多くの有権者は「ハーバード大卒の詐称ならともかく、途上国の大学を卒業したとかしないとかはどうでもいいことだ」と、考えたのでしょう。「エジプトへ個人的な見返りに血税300億円を提供」とのネット投稿にはギョッとしました。ODA(政府開発援助)供与の意味らしく、有権者は「ODA予算を議員個人が自由にできるわけはない」とくらいの判断はしたのでしょう。新著はベストセラーになり、こうした個人批判が知事選に影響を与えるかどうかが、ひとつの注目点でした。自民党支持層の78%、無党派層の54%、立憲の29%、共産の17%が小池氏に流れた結果(朝日新聞)の圧勝ですから、個人批判の効果は感じられませんでした。
小池氏に対しては、「選挙を意識して、感染爆発寸前かのような発言、都市封鎖・緊急事態宣言の示唆、社会経済活動の自粛圧力などで、過剰演出している」との批判があり、検証の必要があります。もっとも世論調査では、「コロナ自粛は適切」が66%(読売、6日朝刊)でしたから、一方的に批判するわけにはいきません。読売の世論調査では、安倍内閣の支持率は39%、不支持率は52%に達し、「首相が信頼できない」は47%という高さです。河井・元法相夫妻の選挙買収事件で「自民党総裁である安倍首相の責任は大きい」が65%、このことが明らかに影響しています。他にも、モリカケ、桜見、元法相に対する1・5億円の資金支援など、不透明な部分に国民は不信感を抱いてきました。
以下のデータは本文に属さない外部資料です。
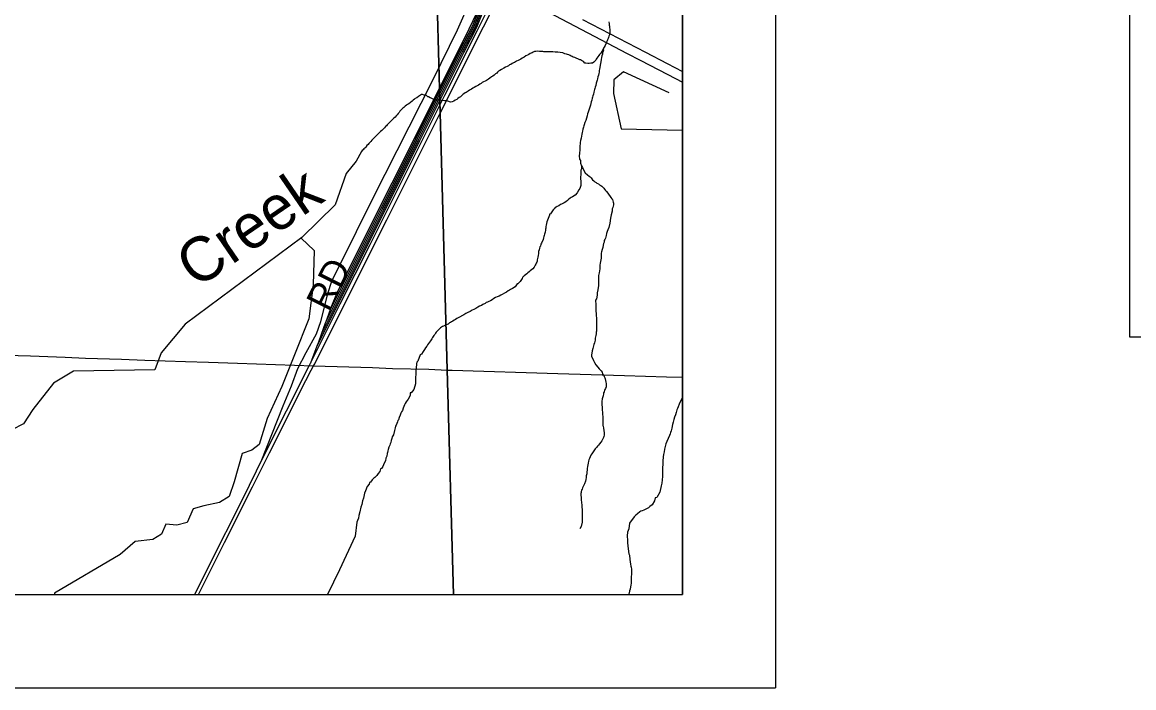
# Model space of a CAD drawing. Extents: x 0 to 34, y 0 to 22.
# Drawn here: x 8.192 to 9.384, y 14 to 14.713 of the extents above; entities that cross this region are included whole.
import ezdxf

# ---------------------------------------------------------------- set-up
doc = ezdxf.new("R2010")
doc.units = 0
for name, color, linetype in [('GM_X_Corporation', 7, 'Continuous'), ('GM_X_County_Road', 7, 'Continuous'), ('GM_X_Minor_Lake', 7, 'Continuous'), ('GM_X_Minor_River', 7, 'Continuous'), ('GM_X_Minor_River_Text', 7, 'Continuous'), ('GM_X_Rail_Line', 7, 'Continuous'), ('GM_X_State_Route', 7, 'Continuous'), ('GM_X_Township_Road', 7, 'Continuous'), ('GM_X_Township_Road_Text', 7, 'Continuous'), ('SH_Data', 7, 'Continuous'), ('SH_Text', 7, 'Continuous')]:
    doc.layers.add(name, color=color, linetype=linetype)

msp = doc.modelspace()

# ---------------------------------------------------------------- linework, layer by layer
at = {"layer": 'GM_X_Corporation'}
for points in [[(6.0569, 14.1), (8.9, 14.1), (8.9, 16.1098)], [(6.0569, 14.1), (8.6547, 14.1), (8.6478, 14.3407), (8.6402, 14.616), (8.6355, 14.7871)]]:
    msp.add_lwpolyline(points, dxfattribs=at)
msp.add_lwpolyline([(8.6547, 14.1), (8.9, 14.1), (8.9, 15.5863), (8.7413, 15.4116), (8.7436, 15.3274), (8.729, 15.3285), (8.729, 15.1734), (8.6216, 15.1758), (8.6351, 14.7989), (8.6355, 14.7871), (8.6402, 14.616), (8.6478, 14.3407)], close=True, dxfattribs=at)
at = {"layer": 'GM_X_County_Road'}
for points in [[(8.0028, 14.3618), (8.0502, 14.3603), (8.1046, 14.3586), (8.1606, 14.3568), (8.201, 14.3555), (8.2382, 14.3542), (8.26, 14.3533), (8.2988, 14.3521), (8.3237, 14.3511), (8.3672, 14.3496), (8.392, 14.3487), (8.4231, 14.3477), (8.5046, 14.345)], [(8.5046, 14.345), (8.5676, 14.343), (8.5893, 14.3422), (8.6282, 14.3412), (8.6479, 14.3404)], [(8.6479, 14.3404), (8.6531, 14.3402), (8.7665, 14.3368), (8.838, 14.3345), (8.883, 14.3332), (8.9, 14.3326)]]:
    msp.add_lwpolyline(points, dxfattribs=at)
at = {"layer": 'GM_X_Minor_Lake'}
for points in [[(8.8858, 14.6373), (8.8367, 14.6598), (8.8264, 14.6513), (8.826, 14.6366)], [(8.826, 14.6366), (8.8342, 14.5987), (8.9, 14.5974)]]:
    msp.add_lwpolyline(points, dxfattribs=at)
at = {"layer": 'GM_X_Minor_River'}
for points in [[(8.8212, 14.7135), (8.8214, 14.7114), (8.8216, 14.7099), (8.8217, 14.7089), (8.8219, 14.7072), (8.8221, 14.7057), (8.8221, 14.7044), (8.8221, 14.7029), (8.8221, 14.7006), (8.8217, 14.6994), (8.8213, 14.6981), (8.8207, 14.6966), (8.8203, 14.6956), (8.8198, 14.6943), (8.8194, 14.6932), (8.8188, 14.6918), (8.8182, 14.6905), (8.8171, 14.688), (8.8163, 14.6865), (8.8155, 14.6852), (8.8148, 14.6835), (8.8138, 14.6818), (8.8125, 14.6799), (8.8113, 14.6784), (8.8104, 14.6774), (8.8092, 14.6761), (8.8082, 14.6746), (8.8077, 14.6734), (8.8071, 14.6723), (8.8061, 14.6713), (8.805, 14.6702), (8.8035, 14.6691), (8.8017, 14.6691), (8.8, 14.6689), (8.7987, 14.6689), (8.7964, 14.6691), (8.7953, 14.6693)], [(8.8151, 14.6842), (8.8155, 14.6833), (8.8151, 14.682), (8.8144, 14.6804), (8.8142, 14.6789), (8.8136, 14.677), (8.8132, 14.6751), (8.8128, 14.6732), (8.8126, 14.6707), (8.8122, 14.6688), (8.8112, 14.6629), (8.8108, 14.6612), (8.8106, 14.6597), (8.8103, 14.6582), (8.8099, 14.6563), (8.8093, 14.6544), (8.8089, 14.6525), (8.8085, 14.651), (8.8077, 14.6479), (8.8072, 14.6453), (8.8066, 14.6434), (8.8062, 14.6422), (8.8058, 14.6411), (8.8054, 14.6394), (8.805, 14.638), (8.8046, 14.6361), (8.8041, 14.6342), (8.8037, 14.6329), (8.8033, 14.6318), (8.8029, 14.6297), (8.8023, 14.6278), (8.8017, 14.6261), (8.8013, 14.6242), (8.8006, 14.6219), (8.7998, 14.619), (8.799, 14.6166), (8.7984, 14.6149), (8.7979, 14.6128), (8.7971, 14.6103), (8.7963, 14.6078), (8.7955, 14.6055), (8.7948, 14.6031), (8.7942, 14.6021), (8.794, 14.6006), (8.7934, 14.5985), (8.7928, 14.5964), (8.7924, 14.5949), (8.7922, 14.5932), (8.7917, 14.5909), (8.7913, 14.5888), (8.7909, 14.5865), (8.7905, 14.5843), (8.7903, 14.5824), (8.7901, 14.581), (8.7901, 14.5793), (8.7899, 14.5782), (8.7899, 14.5768), (8.7899, 14.5753), (8.7897, 14.574), (8.7897, 14.5725), (8.7895, 14.57), (8.7898, 14.5664), (8.7906, 14.5648), (8.7906, 14.5622), (8.7919, 14.5593), (8.793, 14.5574), (8.7934, 14.5565), (8.7959, 14.5517), (8.7983, 14.5494), (8.8002, 14.548), (8.8012, 14.5473), (8.8021, 14.5463), (8.8029, 14.5454), (8.8038, 14.5442), (8.805, 14.5431), (8.8061, 14.5421), (8.8074, 14.5413), (8.8084, 14.5406), (8.8099, 14.5398), (8.8112, 14.5388), (8.8124, 14.5383), (8.8137, 14.5373), (8.8146, 14.5365), (8.8156, 14.5354), (8.8165, 14.5343), (8.8177, 14.5329), (8.8186, 14.5318), (8.8201, 14.53), (8.8233, 14.5253), (8.8245, 14.5239), (8.825, 14.523), (8.8254, 14.5218), (8.8258, 14.5203), (8.8262, 14.5192), (8.8262, 14.5173), (8.8254, 14.5144), (8.8248, 14.5131), (8.8246, 14.5108), (8.8238, 14.5068), (8.8229, 14.503), (8.8221, 14.4977)], [(8.7953, 14.6693), (8.7938, 14.671), (8.792, 14.672), (8.7909, 14.6726), (8.79, 14.6728), (8.7879, 14.6737), (8.7869, 14.6743), (8.7846, 14.6753), (8.7829, 14.6758), (8.7818, 14.6764), (8.7806, 14.6768), (8.7797, 14.6774), (8.7782, 14.678), (8.7768, 14.6784), (8.7757, 14.6787), (8.7738, 14.6793), (8.7719, 14.6801), (8.769, 14.6805), (8.7666, 14.6809), (8.7637, 14.6811), (8.7611, 14.6813), (8.759, 14.6813), (8.7571, 14.6813), (8.7542, 14.6813), (8.7532, 14.6813), (8.7513, 14.6815), (8.7502, 14.6817), (8.7492, 14.6817), (8.7481, 14.6817), (8.7468, 14.6818), (8.7449, 14.682), (8.743, 14.6818), (8.7414, 14.6816), (8.7401, 14.681), (8.7388, 14.6803), (8.7369, 14.6795), (8.7353, 14.6786), (8.7338, 14.6778), (8.7323, 14.6769), (8.7302, 14.6756), (8.7283, 14.6744), (8.7267, 14.6735), (8.7252, 14.6727), (8.7239, 14.6722), (8.7222, 14.6712), (8.721, 14.6707), (8.7199, 14.6699), (8.7189, 14.6695), (8.7174, 14.6688), (8.7159, 14.6678), (8.7147, 14.6673), (8.7136, 14.6665), (8.712, 14.6658), (8.7103, 14.665), (8.7086, 14.6637), (8.7061, 14.6624), (8.7044, 14.6612), (8.7029, 14.6605), (8.7019, 14.6595), (8.701, 14.6586), (8.6998, 14.6576), (8.6983, 14.6565), (8.6968, 14.6554), (8.6954, 14.6544), (8.6937, 14.6531), (8.692, 14.6522), (8.6899, 14.6508), (8.6855, 14.6484), (8.6842, 14.6474), (8.6828, 14.6467), (8.6813, 14.6457), (8.68, 14.645), (8.6784, 14.6441), (8.6769, 14.6431), (8.6754, 14.6424), (8.6738, 14.6414), (8.6725, 14.6408), (8.6716, 14.6401), (8.6704, 14.6393), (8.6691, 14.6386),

では自民党の支持率も急落しているかというと、そうではない。政党支持率は自民32%(前回調査34%)です。野党は支持率を伸ばす絶好の機会が訪れたのに立憲5%(同4%)、国民1%(同1%)、共産2%(同3%)にとどまり、野党を押す風はまったく吹いていません。この点は都知事選と共通するところがあります。小池氏が獲得した366万票(60%)に対し、宇都宮、山本、小野の3氏は合わせても210万票の大差でした。有権者は野党勢力にほとんど期待をかけていない。安倍政権の支持率が低下していっても、小池氏を支援した自民・公明による中央政界の政治構造は変わりそうにない。(つづく)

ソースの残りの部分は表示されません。